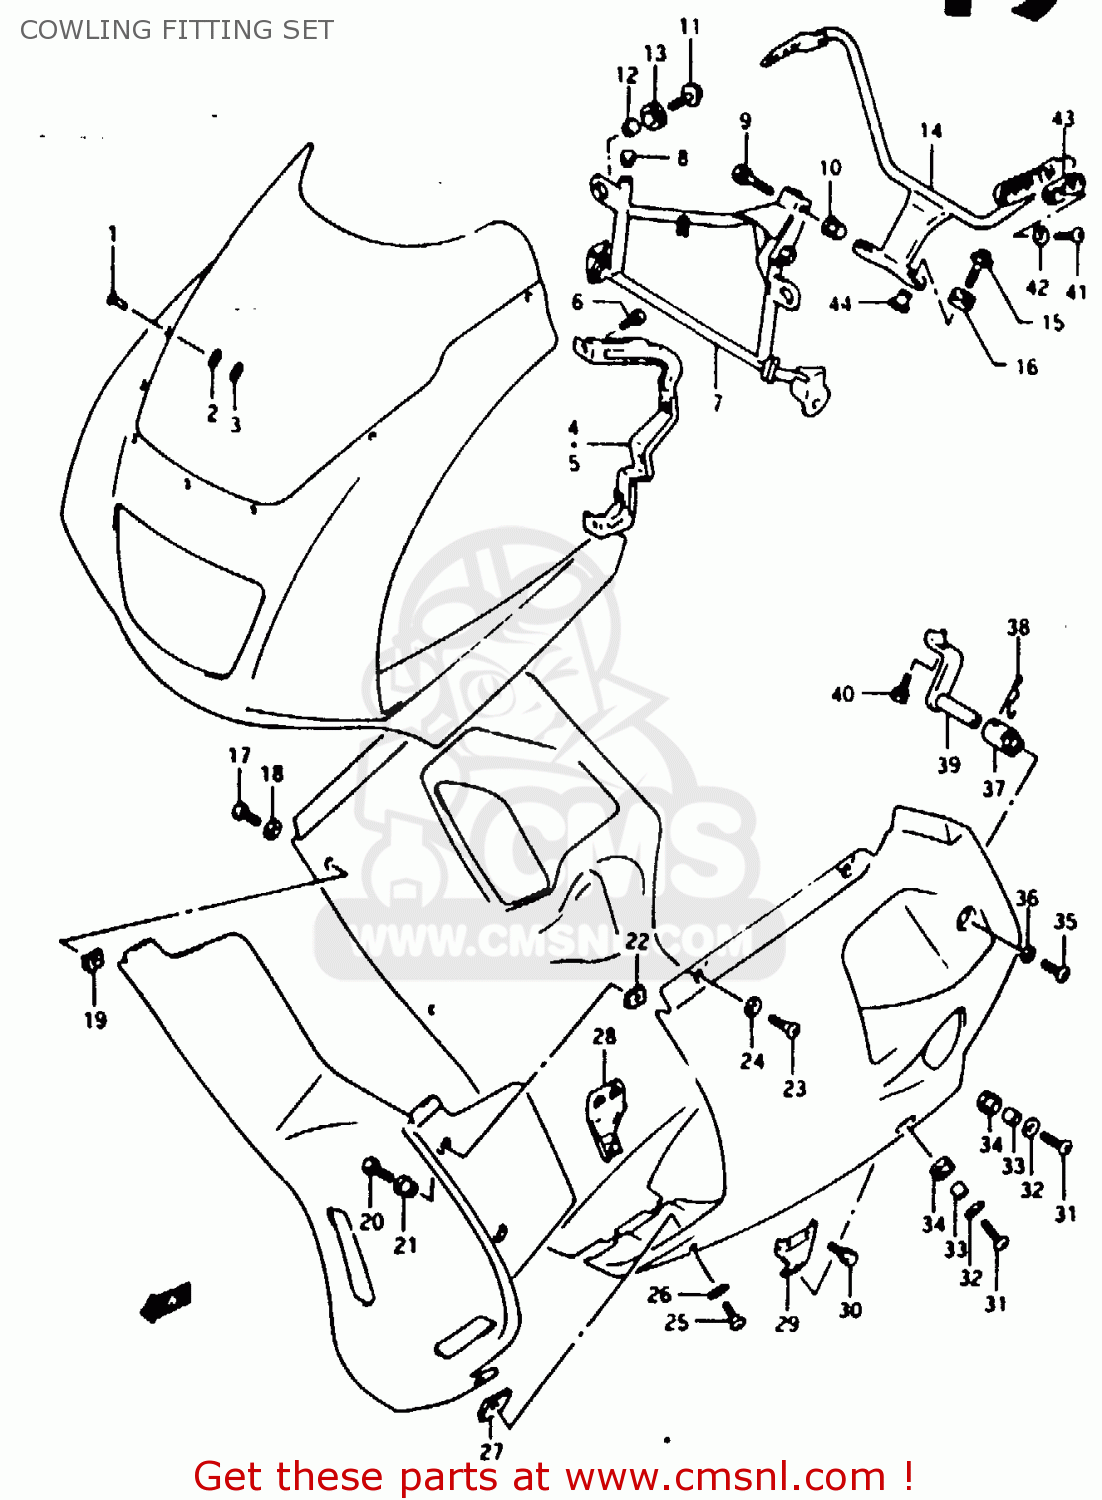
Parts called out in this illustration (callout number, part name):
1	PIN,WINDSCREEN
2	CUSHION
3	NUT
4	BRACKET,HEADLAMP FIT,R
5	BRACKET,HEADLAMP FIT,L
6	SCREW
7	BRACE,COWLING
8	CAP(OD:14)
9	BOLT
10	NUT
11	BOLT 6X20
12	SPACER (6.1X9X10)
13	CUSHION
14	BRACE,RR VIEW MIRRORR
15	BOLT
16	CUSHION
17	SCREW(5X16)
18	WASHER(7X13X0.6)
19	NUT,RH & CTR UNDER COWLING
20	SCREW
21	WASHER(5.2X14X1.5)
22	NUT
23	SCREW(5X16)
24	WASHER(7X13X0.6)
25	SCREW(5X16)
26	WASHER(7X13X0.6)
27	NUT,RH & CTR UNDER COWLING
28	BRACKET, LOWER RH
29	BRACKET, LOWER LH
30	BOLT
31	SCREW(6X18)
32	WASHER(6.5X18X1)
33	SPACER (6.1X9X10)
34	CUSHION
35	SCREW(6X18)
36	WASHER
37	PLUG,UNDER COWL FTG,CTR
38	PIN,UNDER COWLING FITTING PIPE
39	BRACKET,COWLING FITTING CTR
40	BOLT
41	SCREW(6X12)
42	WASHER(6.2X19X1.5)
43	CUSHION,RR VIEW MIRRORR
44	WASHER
══════════
EXERCISE DESCRIPTION:
Every entry, exactly as written: transcribe it, passing over any pictures.

SOLUTION TO THIS TASK:
Parts called out in this illustration (callout number, part name):
1	PIN,WINDSCREEN
2	CUSHION
3	NUT
4	BRACKET,HEADLAMP FIT,R
5	BRACKET,HEADLAMP FIT,L
6	SCREW
7	BRACE,COWLING
8	CAP(OD:14)
9	BOLT
10	NUT
11	BOLT 6X20
12	SPACER (6.1X9X10)
13	CUSHION
14	BRACE,RR VIEW MIRRORR
15	BOLT
16	CUSHION
17	SCREW(5X16)
18	WASHER(7X13X0.6)
19	NUT,RH & CTR UNDER COWLING
20	SCREW
21	WASHER(5.2X14X1.5)
22	NUT
23	SCREW(5X16)
24	WASHER(7X13X0.6)
25	SCREW(5X16)
26	WASHER(7X13X0.6)
27	NUT,RH & CTR UNDER COWLING
28	BRACKET, LOWER RH
29	BRACKET, LOWER LH
30	BOLT
31	SCREW(6X18)
32	WASHER(6.5X18X1)
33	SPACER (6.1X9X10)
34	CUSHION
35	SCREW(6X18)
36	WASHER
37	PLUG,UNDER COWL FTG,CTR
38	PIN,UNDER COWLING FITTING PIPE
39	BRACKET,COWLING FITTING CTR
40	BOLT
41	SCREW(6X12)
42	WASHER(6.2X19X1.5)
43	CUSHION,RR VIEW MIRRORR
44	WASHER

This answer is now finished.